The Rings That Divide Us

I mused a couple years back about how states can check Federal power...and how they can't:

South Carolina--you know, the State that first seceded and later started the Unpleasantness--was embroiled in the nullification crisis during the Jackson administration, but later along with other Slave States turned to the General Government to protect their peculiar institution.  In contrast, Vermont went down the nullification path in the last few years before war broke out by passing laws in contravention of The Fugitive Slave Act of 1850, guaranteeing due process to escaped slaves and securing freedom to all persons in our State (pissing off folks in KentuckyVirginia and Georgia, amongst others).

Obviously there are limits to State power in our system.  Nullification has essentially been, uh...nullified by Prigg v. Pennsylvania and Ableman v. Booth.  The idea that the Union cannot be unilaterally dissolved was effectively settled by The War Between The States and Texas v. White(though Chief Justice Chase did allow in his opinion for revolution and consent by the other States).  So is there any recourse for the States to do what's right in the face of perfidious Federal policy?

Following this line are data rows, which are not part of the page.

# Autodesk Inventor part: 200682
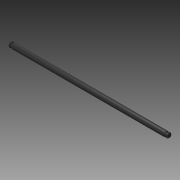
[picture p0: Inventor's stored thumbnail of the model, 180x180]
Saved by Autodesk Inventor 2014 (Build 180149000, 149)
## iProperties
Created: 2007-10
Part Number: 200682
Document SubType Name: Modeling
Designer: TH
Density: 7.85 g/cm^3
Mass: 382.443 g
Surface Area: 158.814 cm^2
Volume: 48.7189 cm^3
Material: Steel
Description: SUPPORT ROD
Appearance: Rubber - Black - Version 1.1
Component Category: Lower Component
Author: TH
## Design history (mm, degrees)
sketch "Sketch1"
  geometry: L1 (196.45, 0)-(-196.45, 0); L2 (-196.45, 0)-(-196.45, 3.455); L3 (-193.575, 6.33)-(-193.5, 6.33); L4 (-193.5, 6.33)-(-193.5, 4.218); L5 (-193.5, 4.218)-(-189.5, 4.218); L6 (-189.5, 4.218)-(-189.5, 6.33); L7 (-189.5, 6.33)-(189.5, 6.33); L8 (189.5, 6.33)-(189.5, 4.218); L9 (189.5, 4.218)-(193.5, 4.218); L10 (193.5, 4.218)-(193.5, 6.33); L11 (193.5, 6.33)-(193.575, 6.33); L12 (196.45, 3.455)-(196.45, 0); A1 r 2.875 centre (-193.575, 3.455) between (-193.575, 6.33) and (-196.45, 3.455); A2 r 2.875 centre (193.575, 3.455) between (196.45, 3.455) and (193.575, 6.33); 2 further points
  constraints: 24 end point, 7 parallel, 4 point on circle, 4 tangent, 2 centre point, 2 collinear, 2 perpendicular, 1 coincident, 1 equal radius, 1 horizontal, 1 midpoint
  dimensions: "d2" = 12.66 diameter of L7 L1 (= d5); "d4" = 8.436 diameter of L5 L1; "d5" = 12.66 diameter of L3 L1; "d7" = 8.436 diameter of L9 L1 (= d4); "d8" = 12.66 diameter of L11 L1 (= d5); "d15" = 2.875 radius of A1; "d21" = 2.95 distance between parallel lines of L4 L2; "d22" = 4 distance of L4.end L5.end; "d23" = 2.95 distance between parallel lines of L10 L12; "d24" = 4 distance of L8.end L9.end (= d22); "d29" = 387 distance between parallel lines of L10 L4
revolve "Revolution1" sketch "Sketch1" stored, may be unused: angle "d16" = 90 deg
chamfer "Chamfer1" distance "d17" = 2; stored, may be unused: second distance "d18" = 2, angle "d19" = 20 deg
fillet "Fillet1" dims "d20" = 0.5
chamfer "Chamfer2" distance "d25" = 2; stored, may be unused: second distance "d26" = 2, angle "d27" = 20 deg
workplane "Work Plane1"
split "Split1"
body "Solid1"
other parameters: "d28" = -114.45
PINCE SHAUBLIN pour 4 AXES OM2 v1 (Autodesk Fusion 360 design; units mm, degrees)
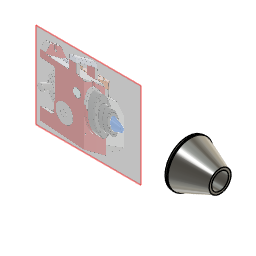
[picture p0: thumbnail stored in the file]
sketch "Esquisse" plane through (0, 0, 0) normal (0, 0, 1) x axis (1, 0, 0)
  line L1 (0, 15.875) -> (0, 0)
  line L2 (67.755, 15.875) -> (0, 15.875)
  line L3 (83.3, 18.7) -> (67.755, 15.875)
  line L4 (84.3, 18.7) -> (83.3, 18.7)
  line L5 (108.7, 9) -> (84.3, 18.7)
  line L6 (108.7, 0) -> (108.7, 9)
  line L7 (0, 0) -> (108.7, 0)
  point P1 (0, 0)
  point P2 (0, 0)
  point P9 (0, 0)
  point P5 (83.3, 18.7)
  point P6 (84.3, 18.7)
  point P7 (108.7, 9)
  point P8 (108.7, 0)
  coincident P1 P2
  vertical L1
  perpendicular L1 L2
  perpendicular L1 L4
  perpendicular L4 L6
  coincident P1 P9
  perpendicular L1 L7
  dimension "d1" distance L1 L6 = 108.7
  dimension "d2" distance L2 L7 = 15.875 (= "31.75 mm / 2")
  dimension "d3" distance L4 L7 = 18.7 (= "( 37.4 / 2 ) * 1 mm")
  dimension "d4" distance P5 L6 = 25.4
  dimension "d5" angle L2 L3 = 10.3 (= "Angular Dimension-2")
  dimension "d6" distance P5 P6 = 1
  dimension "d7" distance P7 P8 = 9
revolve "Révolution" sketch "Esquisse"
hole "Perçage" HoleDepth 108.7 HoleDiameter 14
base_feature "Fonction de base1"
base_feature "Fonction de base1"
base_feature "Fonction de base1"
position "Position1"
work_plane "Plan de construction" AlongDistance 0
remove_instance "RemoveInstance1"
split "Scinder"
remove_body "RemoveBody1"
canvas "Canevas"
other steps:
create_component "CreateComponent1"
create_component "CreateComponent2"
create_component "CreateComponent3"
create_component "CreateComponent1"
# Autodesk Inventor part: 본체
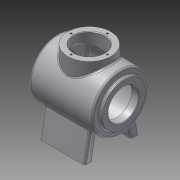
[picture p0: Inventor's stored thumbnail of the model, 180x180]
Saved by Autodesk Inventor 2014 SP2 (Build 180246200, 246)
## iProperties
Created: 2015-01
Part Number: 본체
Material: 알루미늄 6061
Document SubType Name: 판금
Designer: 201-06
Mass: 1021.13 g
Surface Area: 1060.37 cm^2
Volume: 376.8 cm^3
Density: 2.71 g/cm^3
Appearance: 알루미늄 - 평지
Sheet Metal Rule: 기본값
Author: 201-06
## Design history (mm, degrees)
sketch "스케치1"
  geometry: C1 r 50 at (0, 0); 1 further point
  constraints: 1 centre point, 1 coincident
  dimensions: "d0" = 100 diameter of C1
extrude "돌출1" new body sketch "스케치1" distance "d1" = 112; taper "d2" = 0 deg
sketch "스케치2"
  geometry: C1 r 38 at (0, 0); 1 further point
  constraints: 1 centre point, 1 coincident
  dimensions: "d3" = 76 diameter of C1
extrude "돌출2" join sketch "스케치2" distance "d4" = 5; taper "d5" = 0 deg
sketch "스케치3"
  geometry: C1 r 38 at (0, 0); 1 further point
  constraints: 1 centre point, 1 coincident
  dimensions: "d6" = 76 diameter of C1
extrude "돌출3" join sketch "스케치3" distance "d7" = 5; taper "d8" = 0 deg
node "작업 평면1"
sketch "스케치4"
  geometry: L1 (48, -80)-(34, -80); L2 (34, -80)-(26.356, -36.65); L3 (48, -80)-(38.427, -25.71); L4 (48, -80)-(103.128, -80); L5 (38.427, -25.71)-(26.356, -36.65); 1 further point
  constraints: 10 end point, 2 horizontal, 1 equal length
  dimensions: "d10" = 80 vertical distance of L1.start point (0, 0); "d11" = 48 horizontal distance of point (0, 0) L1.start; "d12" = 14 distance of L1.start L1.end; "d13" = 100 deg angle of L1 L2; "d14" = 100 deg angle of L4 L3; "d15" = 42.1866 deg angle of L5 L4; "d16" = 44.85549 distance from line of point (0, 0) L5
extrude "돌출4" join sketch "스케치4" stored distance "d17" = 80; taper "d18" = 0 deg
node "작업 평면2"
sketch "스케치5"
  geometry: L1 (16, -27.282)-(16, -39.336) reference; L2 (16, -39.336)-(96, -39.336) reference; L3 (96, -39.336)-(96, -27.282) reference; L4 (96, -27.282)-(16, -27.282) reference; L5 (16, 39.336)-(16, 27.282) reference; L6 (16, 27.282)-(96, 27.282) reference; L7 (96, 27.282)-(96, 39.336) reference; L8 (96, 39.336)-(16, 39.336) reference; L9 (112, -50)-(112, 50) reference; L10 (0, 50)-(0, -50) reference; C1 r 38 at (56, 0); 1 further point
  constraints: 1 centre point
  dimensions: "d20" = 76 diameter of C1; "d21" = 56 distance from line of C1.centre L9; "d22" = 39.33621 distance from line of C1.centre L8
extrude "돌출5" join sketch "스케치5" distance "d23" = 62; taper "d24" = 0 deg
sketch "스케치6"
  geometry: C1 r 27 at (0, 0); 1 further point
  constraints: 1 centre point, 1 coincident
  dimensions: "d25" = 54 diameter of C1
extrude "돌출6" cut sketch "스케치6" distance "d26" = 13; taper "d27" = 0 deg
sketch "스케치7"
  geometry: C1 r 45 at (0, 0); 1 further point
  constraints: 1 centre point, 1 coincident
  dimensions: "d28" = 90 diameter of C1
extrude "돌출7" cut sketch "스케치7" distance "d29" = 97; taper "d30" = 0 deg
sketch "스케치8"
  geometry: C1 r 27 at (0, 0); 1 further point
  constraints: 1 centre point, 1 coincident
  dimensions: "d31" = 54 diameter of C1
extrude "돌출8" cut sketch "스케치8" distance "d32" = 12; taper "d33" = 0 deg
sketch "스케치10"
  geometry: C1 r 27 at (0, 0); 1 further point
  constraints: 1 centre point, 1 horizontal alignment
  dimensions: "d34" = 54 diameter of C1; "d35" = 56 distance of point (-56, 0) C1.centre
extrude "돌출9" cut sketch "스케치10" distance "d36" = 42; taper "d37" = 0 deg
sketch "스케치11" dims "d38" = 64
  geometry: 6 further points
  constraints: 2 horizontal alignment, 1 coincident, 7 other
  dimensions: "d41" = 360 deg dimension on point (0, 0) point (32, 0) (derived)
hole "구멍1" sketch "스케치11" at (32, 0), (0, 32), (-32, 0), (0, -32) diameter "d43" = 3.242; stored, may be unused: countersink angle "d47" = 90 deg, drill point angle "d49" = 118 deg; dims "d44" = 8, "d45" = 4, "d46" = 2, "d48" = 10
sketch "스케치12" dims "d50" = 64
  geometry: 9 further points
  constraints: 3 horizontal alignment, 2 coincident, 2 vertical alignment, 19 other
  dimensions: "d51" = 88 distance of point (32, 0) point (-56, 0); "d52" = 56 distance of point (0, 0) point (-56, 0); "d55" = 360 deg dimension on point (0, 0) point (32, 0) (derived)
hole "구멍2" sketch "스케치12" at (32, 0), (0, 32), (-32, 0), (0, -32) diameter "d57" = 3.242; stored, may be unused: countersink angle "d61" = 90 deg, drill point angle "d63" = 118 deg; dims "d58" = 8, "d59" = 4, "d60" = 2, "d62" = 10
node "작업 평면3"
chamfer "모따기1" distance "d74" = 1; stored, may be unused: second distance "d75" = 2, angle "d76" = 45 deg
fillet "모깎기1" dims "d77" = 3
fillet "모깎기2" dims "d78" = 3
fillet "모깎기3" dims "d79" = 3
fillet "모깎기4" dims "d80" = 3
fillet "모깎기5" dims "d81" = 3
node "작업 평면4"
sketch "스케치15"
  geometry: L1 (-82, 6)-(-28, 6); L2 (-28, 6)-(-28, -6); L3 (-28, -6)-(-82, -6); L4 (-82, -6)-(-82, 6); L5 (-55, 6)-(-55, -6); L6 (-117, 38)-(-117, -38) reference; 2 further points
  constraints: 10 end point, 3 midpoint, 2 parallel, 1 horizontal, 1 horizontal alignment, 1 perpendicular
  dimensions: "d83" = 54 distance of L2.end L3.end; "d84" = 12 distance of L1.end L2.end; "d85" = 62 distance between parallel lines of L6 L5
extrude "돌출10" join sketch "스케치15" distance "d86" = 7; taper "d87" = 0 deg
sketch "스케치16"
  geometry: L1 (-28, 6)-(-82, 6) reference; L2 (-82, 6)-(-82, -6) reference; L3 (-82, -6)-(-28, -6) reference; L4 (-28, -6)-(-28, 6) reference; 4 further points
  constraints: 2 midpoint, 1 horizontal alignment, 1 vertical alignment, 1 other
feature "엠보싱3" sketch "스케치16" dims "d1" = 112, "d88" = 0.5, "d89" = 0
node "솔리드1"
mirror "대칭1"
mirror "대칭2"
node "투영된 루프1"
node "투영된 루프3"
other parameters: "d9" = 56, "d19" = 0, "K계수" = 4.4, "BendRadius" = 0.5 (derived), "BendReliefWidth" = 0.5 (derived), "BendReliefDepth" = 0.25 (derived), "CornerReliefSize" = 2 (derived), "SeamGap" = 0.01, "MinimumRemnant" = 1 (derived), "TransitionRadius" = 0.5 (= BendRadius), "d64" = 130.5, "d82" = 45
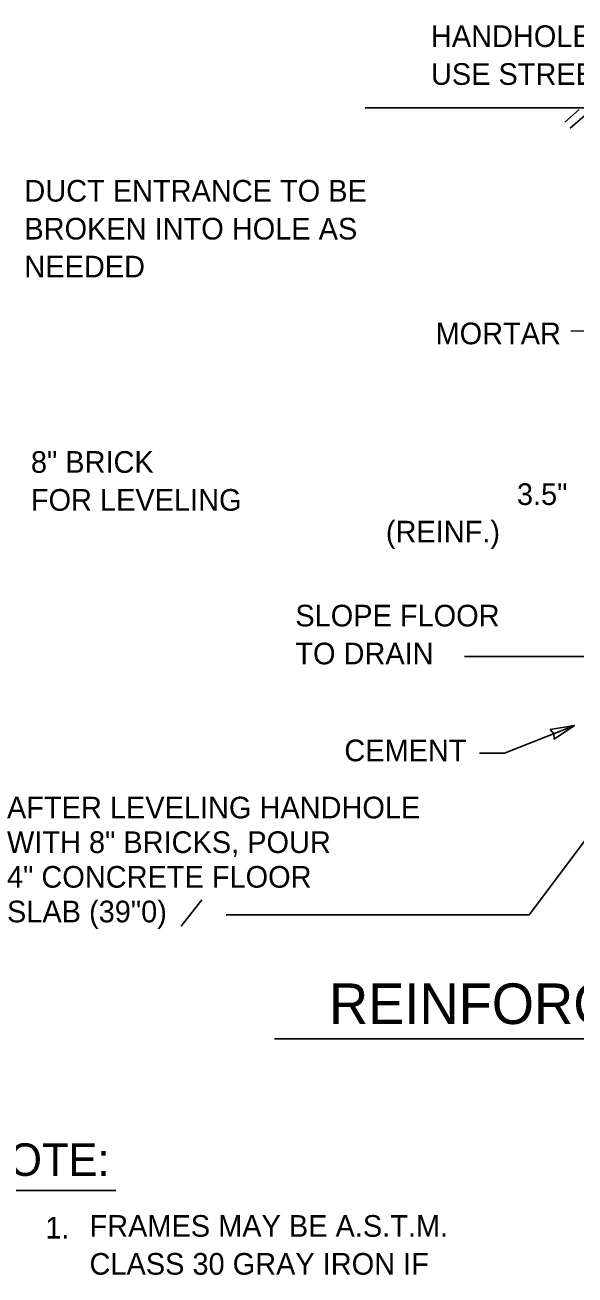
# Model space of a CAD drawing. Extents: x 19188 to 19495, y 20866 to 21061.
# Drawn here: x 19418.78 to 19440.07, y 21012.44 to 21060.79 of the extents above; entities that cross this region are included whole.
import ezdxf

# ---------------------------------------------------------------- set-up
doc = ezdxf.new("R2010")
doc.units = 0
doc.layers.add('G-ANNO-NOTE', color=7, linetype='Continuous')

msp = doc.modelspace()

# ---------------------------------------------------------------- linework, layer by layer
at = {"layer": 'G-ANNO-NOTE'}
for p, q in [((19445.138, 21057.586), (19431.945, 21057.586)), ((19440.235, 21057.514), (19439.682, 21057.029)), ((19440.75, 21057.549), (19439.889, 21056.793)), ((19435.796, 21036.355), (19446.658, 21036.355)), ((19437.348, 21032.62), (19440.049, 21033.687)), ((19440.049, 21033.687), (19439.256, 21033.374)), ((19436.371, 21032.62), (19437.348, 21032.62)), ((19424.82, 21025.929), (19425.625, 21026.942)), ((19428.442, 21021.575), (19478.142, 21021.575)), ((19415.838, 21015.7), (19422.298, 21015.7))]:
    msp.add_line(p, q, dxfattribs=at)
for points in [[(19444.907, 21052.068), (19440.852, 21048.956), (19439.916, 21048.938)], [(19439.255, 21033.374), (19439.111, 21033.536), (19440.049, 21033.687), (19439.26, 21033.166), (19439.255, 21033.374)], [(19426.568, 21026.367), (19438.302, 21026.367), (19443.319, 21033.045)]]:
    msp.add_lwpolyline(points, dxfattribs=at)

# ---------------------------------------------------------------- texts
for s, height, p in [('HANDHOLE FRAME & COVER', 0.83785, (19434.494, 21059.936)), ('USE STREET TYPE ONLY.', 0.83785, (19434.494, 21058.47)), ('DUCT ENTRANCE TO BE', 0.83785, (19418.754, 21053.955)), ('BROKEN INTO HOLE AS', 0.83785, (19418.754, 21052.489)), ('NEEDED', 0.8379, (19418.754, 21051.023)), ('MORTAR', 0.8379, (19434.672, 21048.437)), ('8" BRICK  ', 0.8379, (19419.006, 21043.465)), ('FOR LEVELING', 0.83785, (19419.006, 21041.998)), ('3.5"', 0.8379, (19437.823, 21042.22)), ('(REINF.)', 0.8379, (19432.749, 21040.77)), ('SLOPE FLOOR', 0.83785, (19429.244, 21037.522)), ('TO DRAIN', 0.8379, (19429.244, 21036.056)), ('CEMENT', 0.8379, (19431.141, 21032.308)), ('AFTER LEVELING HANDHOLE', 0.83785, (19418.081, 21030.099)), ('WITH 8" BRICKS, POUR ', 0.83785, (19418.081, 21028.759)), ('4" CONCRETE FLOOR', 0.83785, (19418.081, 21027.418)), ('SLAB (39"0)', 0.83785, (19418.081, 21026.077)), ('REINFORCED CONCRETE PIPE (CLASS III )', 1.57098, (19430.549, 21022.144)), ('NOTE:', 1.2568, (19416.915, 21016.271)), ('1.', 0.8379, (19419.565, 21013.848)), ('FRAMES MAY BE A.S.T.M.', 0.83785, (19421.275, 21013.915)), ('CLASS 30 GRAY IRON IF', 0.83785, (19421.275, 21012.448))]:
    msp.add_text(s, height=height, dxfattribs=at).set_placement(p)

doc.saveas('drawing.dxf')

While secession is a non starter...from where I sit it's still a useful extreme boundary for us to discuss.  Trying that route again would be tantamount to revolution and I don't think that's necessary at this juncture, online calls for torches and pitchforks notwithstanding.

Similarly, States might not be able to nullify Federal laws per se, but certainly they can challenge them in a variety of milieu, including passing their own laws that establish alternative institutions.  As I mentioned before, we have marriage equality in Vermont (and a handful of our moral peers) and even though it isn't recognized at the Federal level or in most of the other States, it provides a beacon for future initiatives that can eventually create critical mass for universal equality.

This is probably why I'm enjoying all the new secesh talk right now.  It's an interesting--and I still think worthwhile--intellectual exercise to consider what that might look like.  And the hamfisted, simplistic slacktivist secesh petitions just make me giggle.

I would also add Cooper v Aaron (1958), regarding desegregation in Arkansas, to the cases cited above:

Every state legislator and executive and judicial officer is solemnly committed by oath taken pursuant to Art. VI, cl. 3 "to support this Constitution." Chief Justice Taney, speaking for a unanimous Court in 1859, said that this requirement reflected the framers'

"anxiety to preserve it [the Constitution] in full force, in all its powers, and to guard against resistance to or evasion of its authority, on the part of a State. . . ."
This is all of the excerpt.